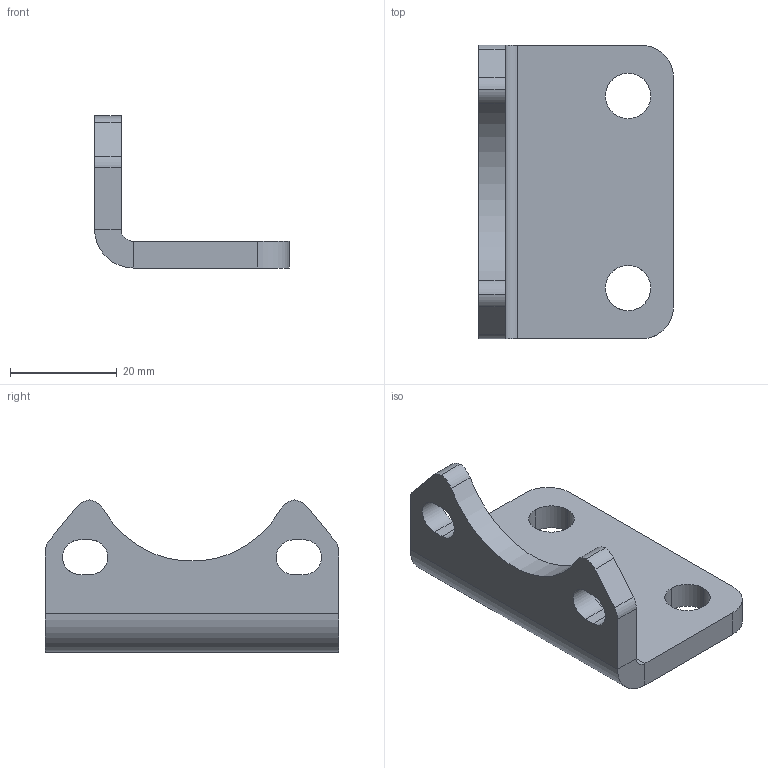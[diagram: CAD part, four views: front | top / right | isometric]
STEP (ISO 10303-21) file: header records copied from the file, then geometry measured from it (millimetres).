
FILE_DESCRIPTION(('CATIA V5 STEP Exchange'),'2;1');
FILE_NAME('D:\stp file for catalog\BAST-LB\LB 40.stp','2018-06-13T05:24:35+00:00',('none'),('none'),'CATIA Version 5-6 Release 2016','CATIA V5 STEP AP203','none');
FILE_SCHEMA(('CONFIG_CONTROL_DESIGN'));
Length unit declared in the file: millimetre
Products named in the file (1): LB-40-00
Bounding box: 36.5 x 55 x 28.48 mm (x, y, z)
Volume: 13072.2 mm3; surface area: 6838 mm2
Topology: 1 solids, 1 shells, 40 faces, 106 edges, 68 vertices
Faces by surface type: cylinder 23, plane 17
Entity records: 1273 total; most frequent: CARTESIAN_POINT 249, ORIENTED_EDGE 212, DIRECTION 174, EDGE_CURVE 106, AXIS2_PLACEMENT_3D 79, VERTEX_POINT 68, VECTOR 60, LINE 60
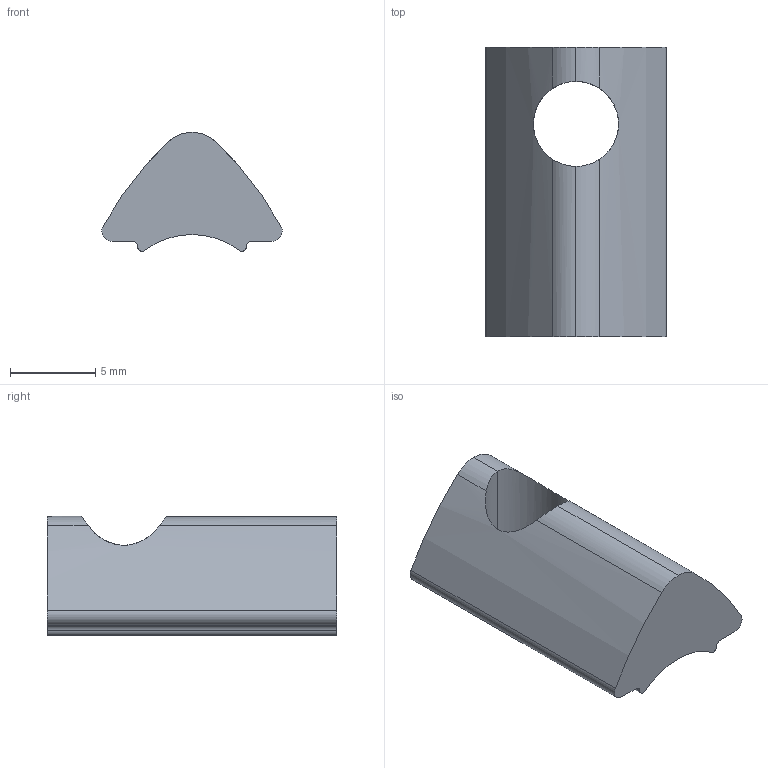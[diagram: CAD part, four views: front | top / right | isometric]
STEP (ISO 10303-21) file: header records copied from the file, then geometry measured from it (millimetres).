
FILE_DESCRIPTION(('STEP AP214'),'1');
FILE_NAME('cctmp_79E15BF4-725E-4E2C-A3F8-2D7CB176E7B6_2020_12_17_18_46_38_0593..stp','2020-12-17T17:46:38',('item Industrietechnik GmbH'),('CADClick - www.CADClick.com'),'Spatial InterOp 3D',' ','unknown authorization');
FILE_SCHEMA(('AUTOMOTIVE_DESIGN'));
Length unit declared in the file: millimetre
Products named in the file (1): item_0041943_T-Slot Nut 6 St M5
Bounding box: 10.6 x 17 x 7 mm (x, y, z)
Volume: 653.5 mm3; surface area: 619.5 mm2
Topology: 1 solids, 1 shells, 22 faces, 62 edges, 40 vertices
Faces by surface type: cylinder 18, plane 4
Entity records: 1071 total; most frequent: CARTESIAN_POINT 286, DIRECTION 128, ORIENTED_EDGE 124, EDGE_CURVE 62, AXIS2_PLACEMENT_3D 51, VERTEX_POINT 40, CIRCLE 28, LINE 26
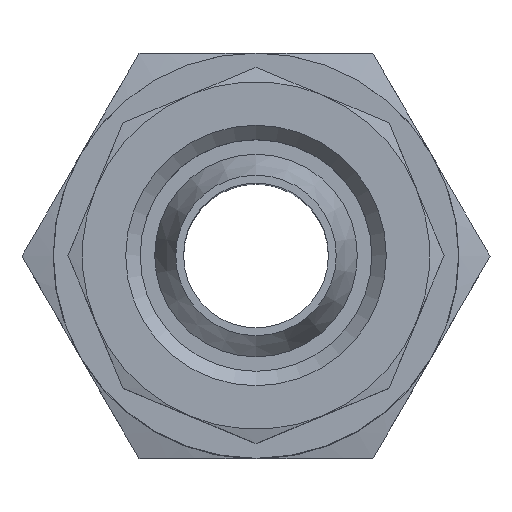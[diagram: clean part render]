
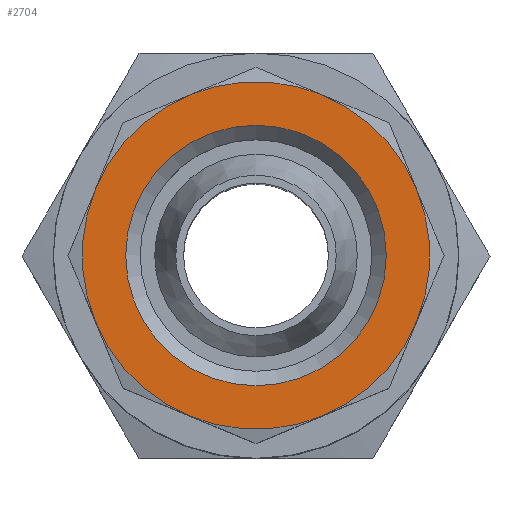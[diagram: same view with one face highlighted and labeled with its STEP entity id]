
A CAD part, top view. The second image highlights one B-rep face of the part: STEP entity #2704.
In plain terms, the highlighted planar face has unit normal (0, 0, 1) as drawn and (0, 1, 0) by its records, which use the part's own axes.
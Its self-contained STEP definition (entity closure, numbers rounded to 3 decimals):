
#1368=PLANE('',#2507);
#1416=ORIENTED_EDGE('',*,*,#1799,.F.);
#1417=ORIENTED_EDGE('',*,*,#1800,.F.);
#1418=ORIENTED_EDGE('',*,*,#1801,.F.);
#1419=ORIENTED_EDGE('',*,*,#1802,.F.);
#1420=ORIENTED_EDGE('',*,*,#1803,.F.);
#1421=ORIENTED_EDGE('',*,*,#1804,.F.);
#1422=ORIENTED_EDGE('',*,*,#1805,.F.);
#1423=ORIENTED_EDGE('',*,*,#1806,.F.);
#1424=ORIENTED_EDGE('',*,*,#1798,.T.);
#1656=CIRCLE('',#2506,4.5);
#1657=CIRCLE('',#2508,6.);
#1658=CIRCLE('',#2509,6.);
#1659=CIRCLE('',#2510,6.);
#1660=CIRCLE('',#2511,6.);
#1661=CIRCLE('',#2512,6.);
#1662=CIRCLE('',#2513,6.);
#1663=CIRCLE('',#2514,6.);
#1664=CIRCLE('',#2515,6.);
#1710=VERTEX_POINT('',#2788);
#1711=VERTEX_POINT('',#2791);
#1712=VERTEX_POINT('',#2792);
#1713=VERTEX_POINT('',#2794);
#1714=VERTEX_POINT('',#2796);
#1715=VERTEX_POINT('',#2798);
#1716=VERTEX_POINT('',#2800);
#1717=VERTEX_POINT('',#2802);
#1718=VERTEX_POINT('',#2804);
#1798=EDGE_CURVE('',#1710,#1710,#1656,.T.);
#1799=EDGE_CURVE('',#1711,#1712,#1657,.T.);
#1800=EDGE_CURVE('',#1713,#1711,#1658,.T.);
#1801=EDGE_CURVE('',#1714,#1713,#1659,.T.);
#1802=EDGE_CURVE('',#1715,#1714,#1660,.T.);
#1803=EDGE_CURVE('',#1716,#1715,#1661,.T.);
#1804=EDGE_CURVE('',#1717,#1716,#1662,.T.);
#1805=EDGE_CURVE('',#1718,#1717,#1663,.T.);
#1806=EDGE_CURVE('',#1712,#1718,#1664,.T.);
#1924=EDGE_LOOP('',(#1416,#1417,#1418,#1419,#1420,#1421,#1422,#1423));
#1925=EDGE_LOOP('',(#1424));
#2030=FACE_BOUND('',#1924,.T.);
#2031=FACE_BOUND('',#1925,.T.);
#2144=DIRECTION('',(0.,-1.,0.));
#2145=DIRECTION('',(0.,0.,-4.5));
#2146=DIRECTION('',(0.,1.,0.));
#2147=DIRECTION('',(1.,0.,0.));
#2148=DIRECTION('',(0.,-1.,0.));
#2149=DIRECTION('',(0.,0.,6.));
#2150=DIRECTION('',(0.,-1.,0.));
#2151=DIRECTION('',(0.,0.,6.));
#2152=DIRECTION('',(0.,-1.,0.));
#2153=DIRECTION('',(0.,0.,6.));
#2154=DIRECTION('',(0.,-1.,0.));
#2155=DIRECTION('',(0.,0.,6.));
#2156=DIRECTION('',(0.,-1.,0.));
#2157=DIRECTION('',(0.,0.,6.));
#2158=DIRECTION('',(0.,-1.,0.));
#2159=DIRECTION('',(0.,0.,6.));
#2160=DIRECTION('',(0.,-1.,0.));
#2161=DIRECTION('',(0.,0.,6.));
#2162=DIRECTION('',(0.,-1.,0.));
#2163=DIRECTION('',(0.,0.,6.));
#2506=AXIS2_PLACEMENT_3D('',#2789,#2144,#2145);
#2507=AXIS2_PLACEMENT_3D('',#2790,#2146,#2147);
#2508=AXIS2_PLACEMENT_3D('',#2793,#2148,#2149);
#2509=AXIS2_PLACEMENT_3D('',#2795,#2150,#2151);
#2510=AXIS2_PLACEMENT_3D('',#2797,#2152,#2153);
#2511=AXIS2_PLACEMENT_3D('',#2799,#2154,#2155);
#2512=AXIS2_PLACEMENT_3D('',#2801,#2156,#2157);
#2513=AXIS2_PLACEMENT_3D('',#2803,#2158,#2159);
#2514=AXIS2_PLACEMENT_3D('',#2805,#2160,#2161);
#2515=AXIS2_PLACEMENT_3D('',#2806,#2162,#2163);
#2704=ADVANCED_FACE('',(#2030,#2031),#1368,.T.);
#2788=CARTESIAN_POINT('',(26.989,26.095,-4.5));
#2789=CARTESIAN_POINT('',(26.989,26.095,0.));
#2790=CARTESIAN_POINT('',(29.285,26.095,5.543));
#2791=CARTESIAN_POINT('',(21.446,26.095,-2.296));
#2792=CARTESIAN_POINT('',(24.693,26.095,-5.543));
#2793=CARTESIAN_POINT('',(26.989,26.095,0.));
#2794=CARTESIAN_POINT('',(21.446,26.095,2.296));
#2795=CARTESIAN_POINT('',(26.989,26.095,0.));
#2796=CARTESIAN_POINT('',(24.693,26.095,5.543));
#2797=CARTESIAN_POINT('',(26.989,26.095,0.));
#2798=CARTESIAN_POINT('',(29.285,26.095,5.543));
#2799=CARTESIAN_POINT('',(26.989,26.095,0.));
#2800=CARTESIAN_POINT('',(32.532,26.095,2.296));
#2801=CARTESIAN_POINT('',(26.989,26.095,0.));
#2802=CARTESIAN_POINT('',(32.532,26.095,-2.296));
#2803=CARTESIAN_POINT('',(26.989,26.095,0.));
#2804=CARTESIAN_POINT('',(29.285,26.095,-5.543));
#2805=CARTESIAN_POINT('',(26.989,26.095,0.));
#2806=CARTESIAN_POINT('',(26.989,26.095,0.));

» What the task requires:
Give back, exactly as written, the stretch from the line with "#2150=DIRECTION('',(0.,-1.,0.));" through the line with "#2800=CARTESIAN_POINT('',(32.532,26.095,2.296));", and no other lines from the records above.

» Task response:
#2150=DIRECTION('',(0.,-1.,0.));
#2151=DIRECTION('',(0.,0.,6.));
#2152=DIRECTION('',(0.,-1.,0.));
#2153=DIRECTION('',(0.,0.,6.));
#2154=DIRECTION('',(0.,-1.,0.));
#2155=DIRECTION('',(0.,0.,6.));
#2156=DIRECTION('',(0.,-1.,0.));
#2157=DIRECTION('',(0.,0.,6.));
#2158=DIRECTION('',(0.,-1.,0.));
#2159=DIRECTION('',(0.,0.,6.));
#2160=DIRECTION('',(0.,-1.,0.));
#2161=DIRECTION('',(0.,0.,6.));
#2162=DIRECTION('',(0.,-1.,0.));
#2163=DIRECTION('',(0.,0.,6.));
#2506=AXIS2_PLACEMENT_3D('',#2789,#2144,#2145);
#2507=AXIS2_PLACEMENT_3D('',#2790,#2146,#2147);
#2508=AXIS2_PLACEMENT_3D('',#2793,#2148,#2149);
#2509=AXIS2_PLACEMENT_3D('',#2795,#2150,#2151);
#2510=AXIS2_PLACEMENT_3D('',#2797,#2152,#2153);
#2511=AXIS2_PLACEMENT_3D('',#2799,#2154,#2155);
#2512=AXIS2_PLACEMENT_3D('',#2801,#2156,#2157);
#2513=AXIS2_PLACEMENT_3D('',#2803,#2158,#2159);
#2514=AXIS2_PLACEMENT_3D('',#2805,#2160,#2161);
#2515=AXIS2_PLACEMENT_3D('',#2806,#2162,#2163);
#2704=ADVANCED_FACE('',(#2030,#2031),#1368,.T.);
#2788=CARTESIAN_POINT('',(26.989,26.095,-4.5));
#2789=CARTESIAN_POINT('',(26.989,26.095,0.));
#2790=CARTESIAN_POINT('',(29.285,26.095,5.543));
#2791=CARTESIAN_POINT('',(21.446,26.095,-2.296));
#2792=CARTESIAN_POINT('',(24.693,26.095,-5.543));
#2793=CARTESIAN_POINT('',(26.989,26.095,0.));
#2794=CARTESIAN_POINT('',(21.446,26.095,2.296));
#2795=CARTESIAN_POINT('',(26.989,26.095,0.));
#2796=CARTESIAN_POINT('',(24.693,26.095,5.543));
#2797=CARTESIAN_POINT('',(26.989,26.095,0.));
#2798=CARTESIAN_POINT('',(29.285,26.095,5.543));
#2799=CARTESIAN_POINT('',(26.989,26.095,0.));
#2800=CARTESIAN_POINT('',(32.532,26.095,2.296));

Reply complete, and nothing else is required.